Sometimes that’s all we can do.
I was short with my Mom and got frustrated with her because she left me to wrap her Christmas presents for the family while she was cooking. She couldn’t do both things at once. But she never asked and just assumed: a) it would get done (magically?), or b) I would do it for her. In retrospect, she was just doing the best she could. The two quiches she'd been working on for what seemed like all-day long had to get done before we went to my sister’s for Christmas dinner.
So I raised my voice and got testy and felt aggravated. There were 45 minutes til we needed to walk out the door. "So I guess you want ME to wrap this stuff, huh??!!" I half-shrieked. "Huh? Well do you??!!" I was now yelling.
And yes that sounds pretty stupid now but that’s what I did.
Then once we arrived at my sister's house I got bugged with my Dad because he kept shoving his new iPhone in my face and kept asking me to do inane things with it.
Things that didn’t matter. Like how to delete useless data like wrong addresses that Google had auto-populated in the Maps app because he’d mistyped them at some point. How to delete all old text messages so he didn't have to look at them anymore.
I kept telling him to just use what he needed in the damn phone and ignore the rest. But he persisted. And I got mad and my sister intervened and told us to chill out. We were in her house and clouding what was otherwise a very sweet and cheery Christmas dinner vibe. She pulled the "I'm the hostess and you two idiots will behave in my house" card. And she was right.

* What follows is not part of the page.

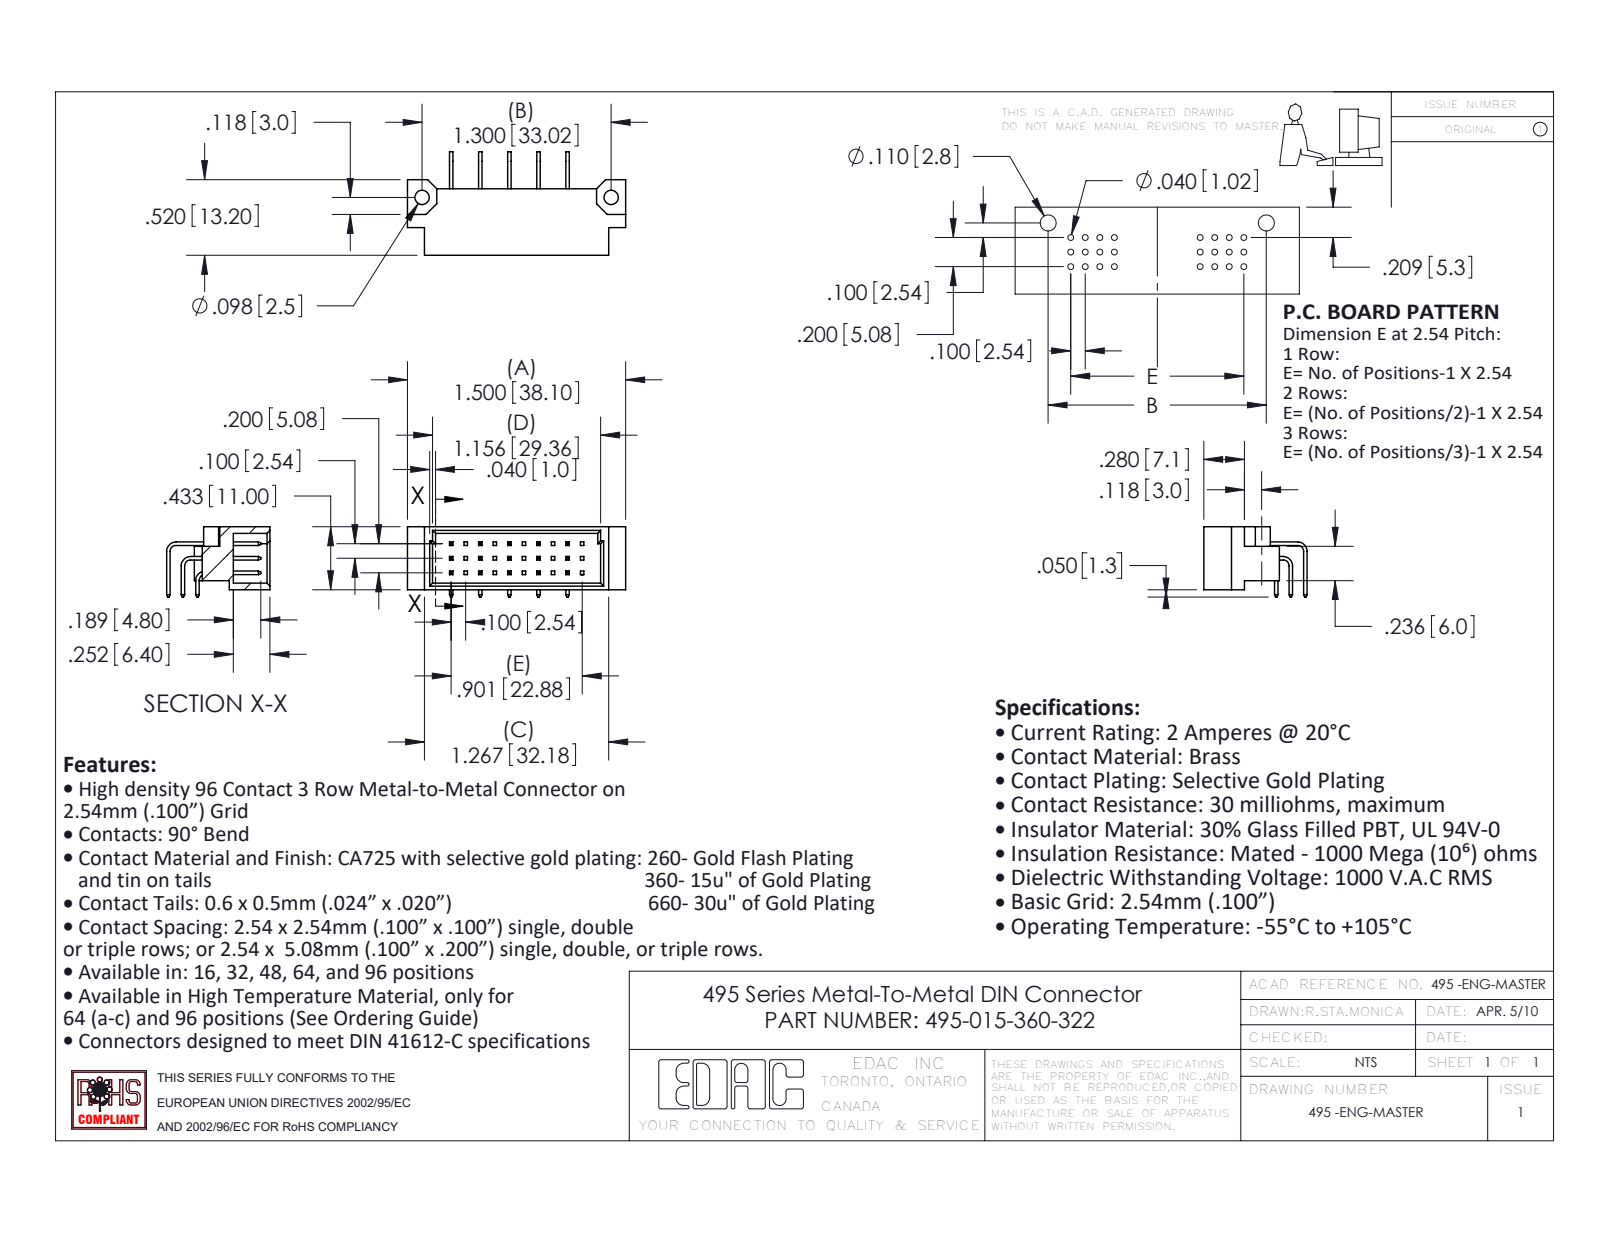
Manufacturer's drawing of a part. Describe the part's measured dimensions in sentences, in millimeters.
The part is named "495-015-360-322; 495-290-3; 495 Part_30; 495-290-1 (+1 more)". Its 3-D file was written by "SolidWorks 2020 (AUTOMOTIVE_DESIGN)". It is 16 solids with 439 faces: 405 planar, 34 cylindrical and 0 other. Overall it measures 38.1 by 18.05 by 12.27 millimeters. Its volume is 2 568 cubic millimeters and its surface area 3 569 square millimeters. Round holes: 2 of diameter 2.49. Partial cylindrical surfaces (rounded edges, fillets, slot ends): 3 of radius 1.02, 3 of radius 1.65. The main face-to-face distances are 5.08, 9.86, 1.14, 2.54, 5.2, 10.16, 0.61, 11, 0.6, 1.6. The hole center spacings are 33.02.

We were all together as a family. My Mom and my Dad, whose wife had died earlier this year, and my brother’s and sister’s families, nieces and nephews. That was what was important. Who knows if we would ever have this special time together again. People die and move away all the time. I should have been focused on cherishing the moment. But I wasn’t.
Again I had a little internal pep talk. Coaxing myself to relax and enjoy the moment. "Ok, you're fine. Let's just chill out and enjoy the rest of the night with everyone."
But no. I wasn't done yet.
I got angry a little while later because I felt overwhelmed by all that I had to do the next day. Today. Which is all of: 1) Go to brunch with my Dad, 2) Watch my nephew’s 6th-grade team compete in a Christmas basketball tournament, 3) Go to Trader Joes, 4) Walk my friend’s dog, 5) cross a bunch of 5-10 minute tasks of my any.do list. Some of which are semi-fun or at least neutral tasks. When I examined my schedule later last night it actually looked like a pretty fun day. A day that 99.9% of the world would probably kill for.
But again I lost my cool and got huffy and intense with my Dad and everyone else in the room. Which included my sister and her husband who could barely prop his head up on the table or keep his eyes open because he’d been at work since 8am while the rest of us were on vacation and somehow had come home and helped my sister create the beautiful family dinner she had prepared. He was truly exhausted and justifiably so.
Why do I write this? Because in hindsight I realize that I have it pretty freaking good. And that I just need to practice what I preach and posted today on my Facebook page: “kindness. always. just be kind”. Some heartfelt gratitude wouldn’t hurt either.
Right. That's all good and well and totally spot on cognitive correction. Those are exactly the types of thoughts I do need to keep in mind. And usually do.
But sometimes we just can't bring it. We can be conscious of precisely what we should be thinking, saying and doing. And yet somehow, simultaneously our beings develop bizarre "evil twin" versions of ourselves and still act out. Like petulant tweens. And that is frustrating as hell.
Yet it's part of the human condition. Mine anyway. And I remind myself to aim for "progress... not perfection". Just keep trying.
Today is a new day. It’s sunny and the sky is blue and the birds are chirping outside the big bay window. Beautiful. I’m going to try again today.
That’s the beauty of a new day. We can look back and learn on what didn’t work yesterday with some clarity and perspective. And take a breath and inhale some peace into our hearts. And try again to do our best.
I’m going to be a “better me” today. Here goes.